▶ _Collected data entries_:
• • • • • • •
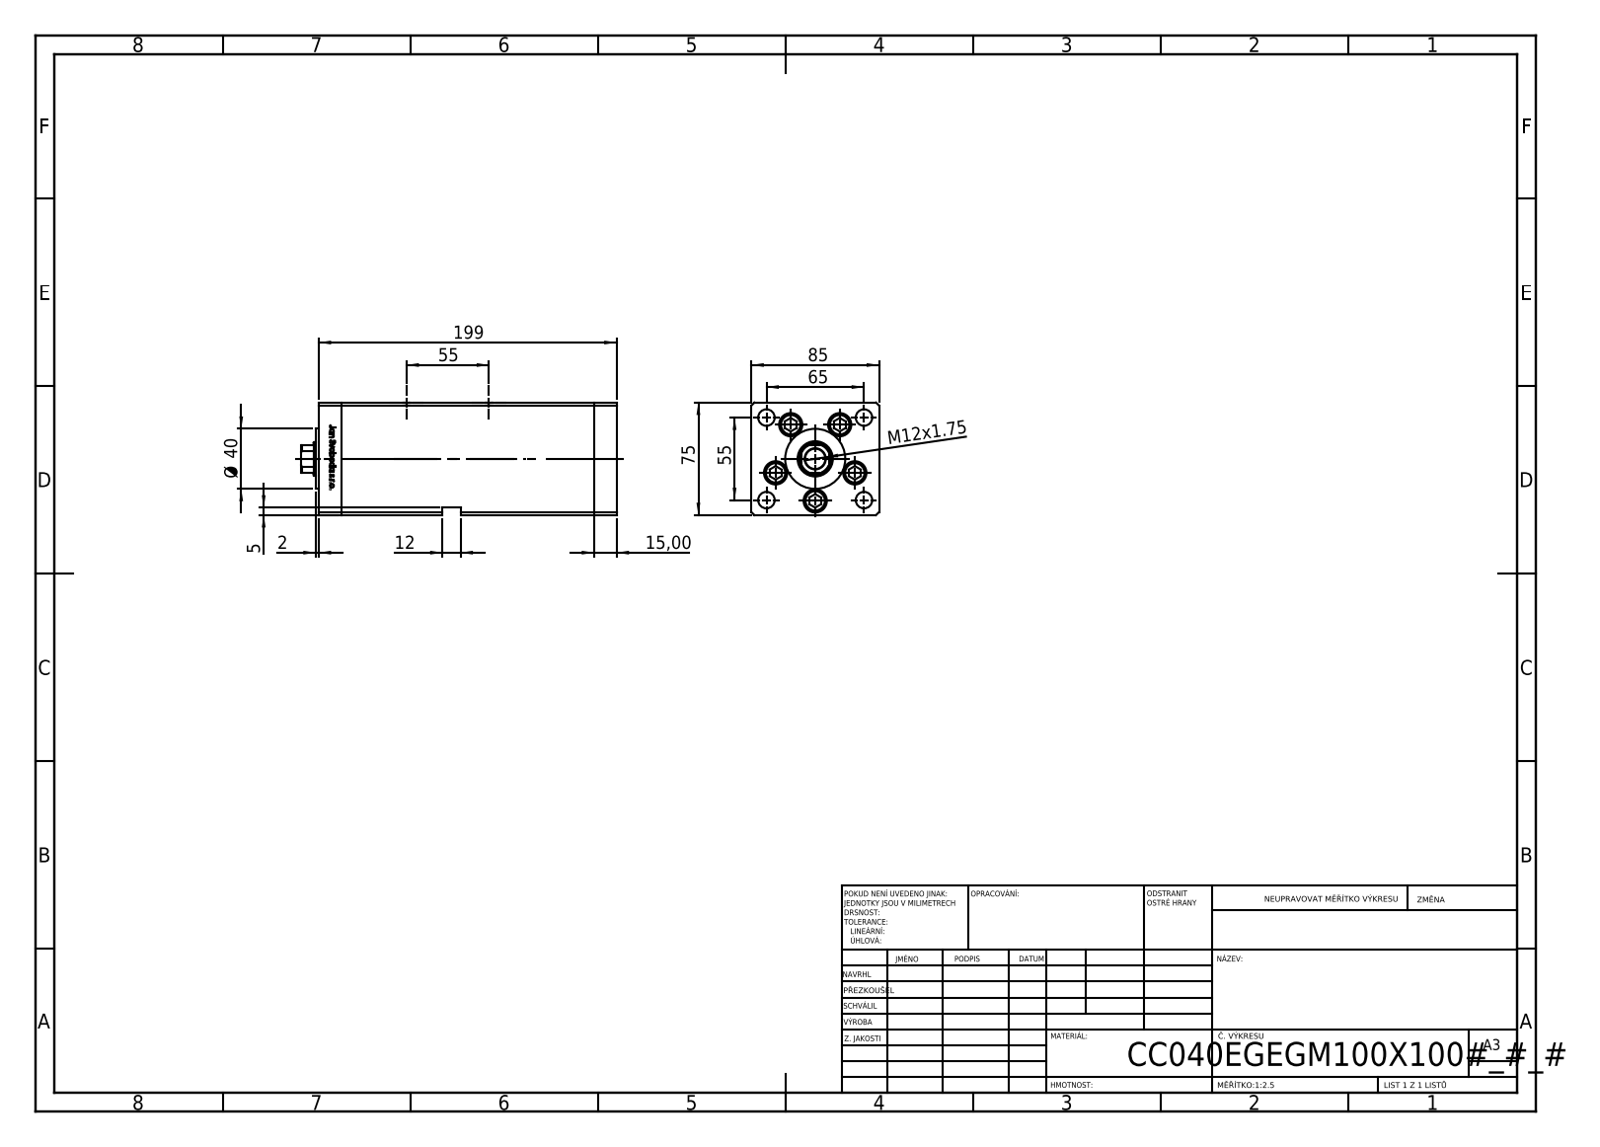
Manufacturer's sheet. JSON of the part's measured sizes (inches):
{"part_name": "V220C_E MIDDLE; V220C_FRONT_E; ALLEN BOLT; V220C BACK_E (+1 more)", "step_written_by": "SolidWorks 2019 (CONFIG_CONTROL_DESIGN)", "units": "inches", "bodies": {"solids": 14, "faces": 1214, "planar": 475, "cylindrical": 165, "other": 574}, "overall_size": [8.268, 3.346, 2.953], "volume_in3": 65.66, "surface_area_in2": 283.4, "round_holes": [[0.433, 9], [0.61, 5], [0.413, 4], [0.65, 4], [0.079, 2], [0.518, 2], [0.531, 1], [0.866, 1], [0.925, 1]], "round_bosses_or_shafts": [[0.571, 5], [0.315, 5], [1.575, 1]], "partial_cylinders_radius": [[0.037, 2], [0.413, 1]], "face_to_face_distances": [3.346, 2.953, 0.591, 6.634, 7.224, 7.815, 1.348, 0.413, 2.539, 2.697], "hole_center_spacings": [1.102, 1.676, 2.165, 2.559, 3.352, 0.664, 0.755, 1.273]}
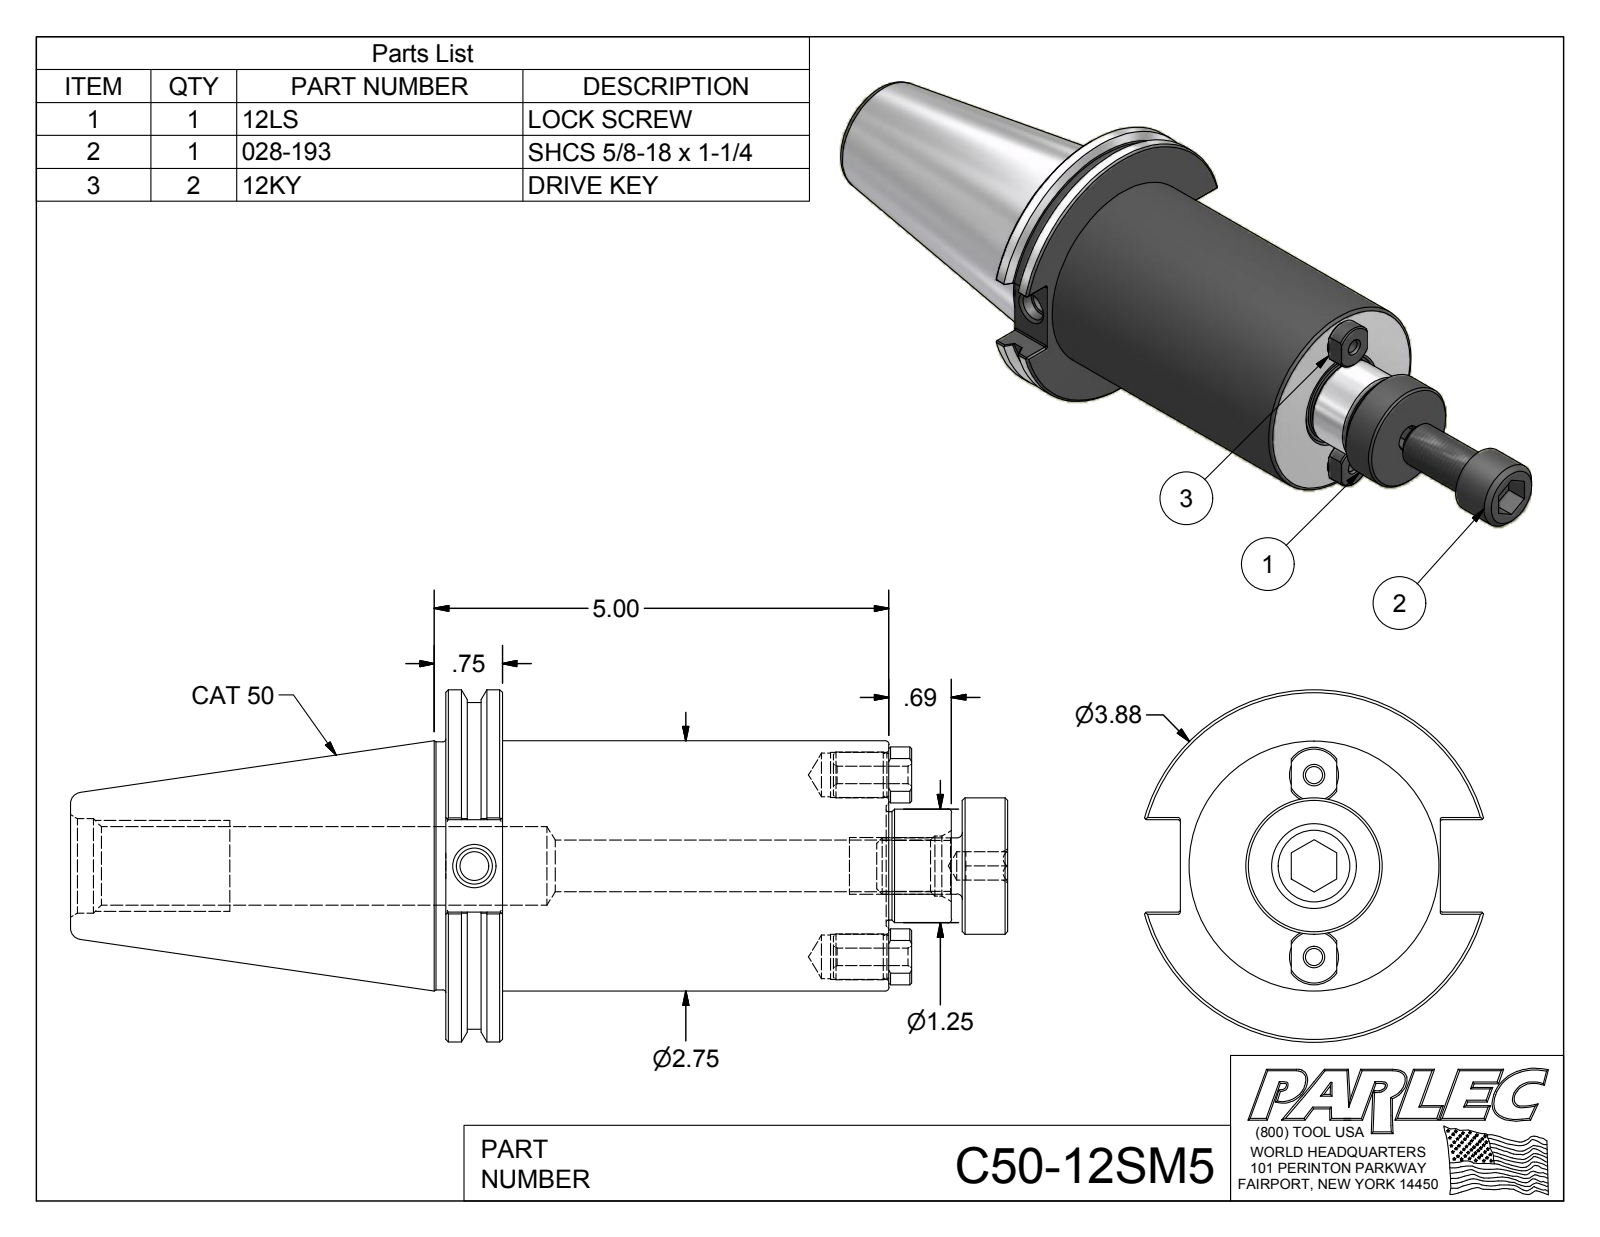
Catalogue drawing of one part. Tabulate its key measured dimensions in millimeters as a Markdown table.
| quantity | value |
| --- | --- |
| part name | C50-12SM5; C50-12SM5-1; 12KY; 12LS (+1 more) |
| STEP written by | Autodesk Inventor 2012 (AUTOMOTIVE_DESIGN) |
| units | millimeters |
| bodies | 5 solids, 172 faces (67 planar, 47 cylindrical, 58 other) |
| overall size | 312.6 × 98.4 × 94.7 |
| volume | 751 300 mm³ |
| surface area | 89 290 mm² |
| round holes (diameter × count) | 4.8 × 2, 12.2 × 2, 12.7 × 2, 7.9 × 1, 8 × 1, 10.1 × 1, 14.4 × 1, 16.8 × 1, 22 × 1, 26.4 × 1 |
| round bosses / shafts (diameter × count) | 12.8 × 2, 11.9 × 2, 98.4 × 1, 91.3 × 1, 69.9 × 1, 69.3 × 1, 38.1 × 1, 31.8 × 1 |
| partial cylindrical surfaces (radius × count) | 0.5 × 12, 7.8 × 2 |
| main face-to-face distances | 15.9, 123.8, 108, 157, 141.1, 33.2, 12.7, 144.3, 128.4, 20.5 |
| hole center spacings | 25.4, 50.8 |
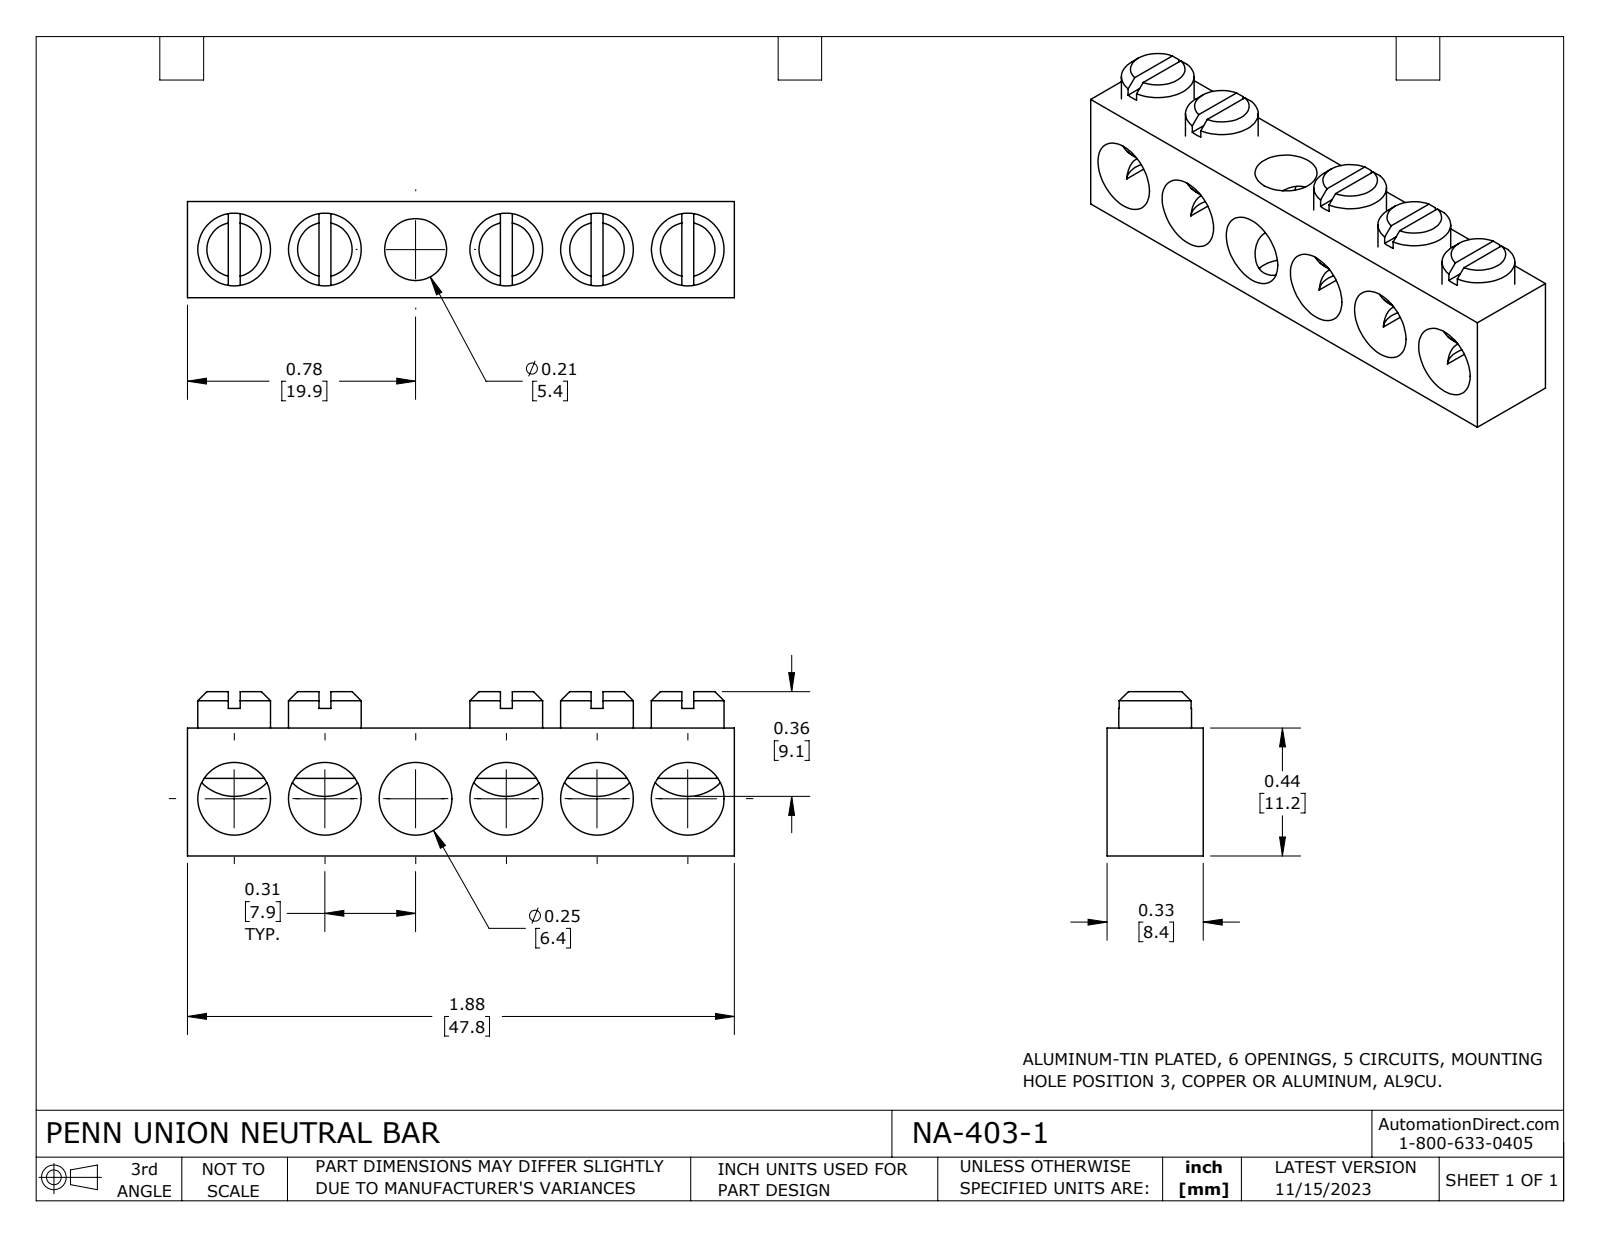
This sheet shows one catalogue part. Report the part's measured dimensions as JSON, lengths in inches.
• • • • • • •
▶ _TASK DESCRIPTION_: The task calls for every record to be transcribed exactly, with no images included.

▶ _ANSWER FOR THE TASK_:
Manufacturer's sheet. JSON of the part's measured sizes (inches):
{"part_name": "V220C_E MIDDLE; V220C_FRONT_E; ALLEN BOLT; V220C BACK_E (+1 more)", "step_written_by": "SolidWorks 2019 (CONFIG_CONTROL_DESIGN)", "units": "inches", "bodies": {"solids": 14, "faces": 1214, "planar": 475, "cylindrical": 165, "other": 574}, "overall_size": [8.268, 3.346, 2.953], "volume_in3": 65.66, "surface_area_in2": 283.4, "round_holes": [[0.433, 9], [0.61, 5], [0.413, 4], [0.65, 4], [0.079, 2], [0.518, 2], [0.531, 1], [0.866, 1], [0.925, 1]], "round_bosses_or_shafts": [[0.571, 5], [0.315, 5], [1.575, 1]], "partial_cylinders_radius": [[0.037, 2], [0.413, 1]], "face_to_face_distances": [3.346, 2.953, 0.591, 6.634, 7.224, 7.815, 1.348, 0.413, 2.539, 2.697], "hole_center_spacings": [1.102, 1.676, 2.165, 2.559, 3.352, 0.664, 0.755, 1.273]}
Catalogue drawing of one part. Tabulate its key measured dimensions in millimeters as a Markdown table.
| quantity | value |
| --- | --- |
| part name | C50-12SM5; C50-12SM5-1; 12KY; 12LS (+1 more) |
| STEP written by | Autodesk Inventor 2012 (AUTOMOTIVE_DESIGN) |
| units | millimeters |
| bodies | 5 solids, 172 faces (67 planar, 47 cylindrical, 58 other) |
| overall size | 312.6 × 98.4 × 94.7 |
| volume | 751 300 mm³ |
| surface area | 89 290 mm² |
| round holes (diameter × count) | 4.8 × 2, 12.2 × 2, 12.7 × 2, 7.9 × 1, 8 × 1, 10.1 × 1, 14.4 × 1, 16.8 × 1, 22 × 1, 26.4 × 1 |
| round bosses / shafts (diameter × count) | 12.8 × 2, 11.9 × 2, 98.4 × 1, 91.3 × 1, 69.9 × 1, 69.3 × 1, 38.1 × 1, 31.8 × 1 |
| partial cylindrical surfaces (radius × count) | 0.5 × 12, 7.8 × 2 |
| main face-to-face distances | 15.9, 123.8, 108, 157, 141.1, 33.2, 12.7, 144.3, 128.4, 20.5 |
| hole center spacings | 25.4, 50.8 |
This sheet shows one catalogue part. Report the part's measured dimensions as JSON, lengths in inches.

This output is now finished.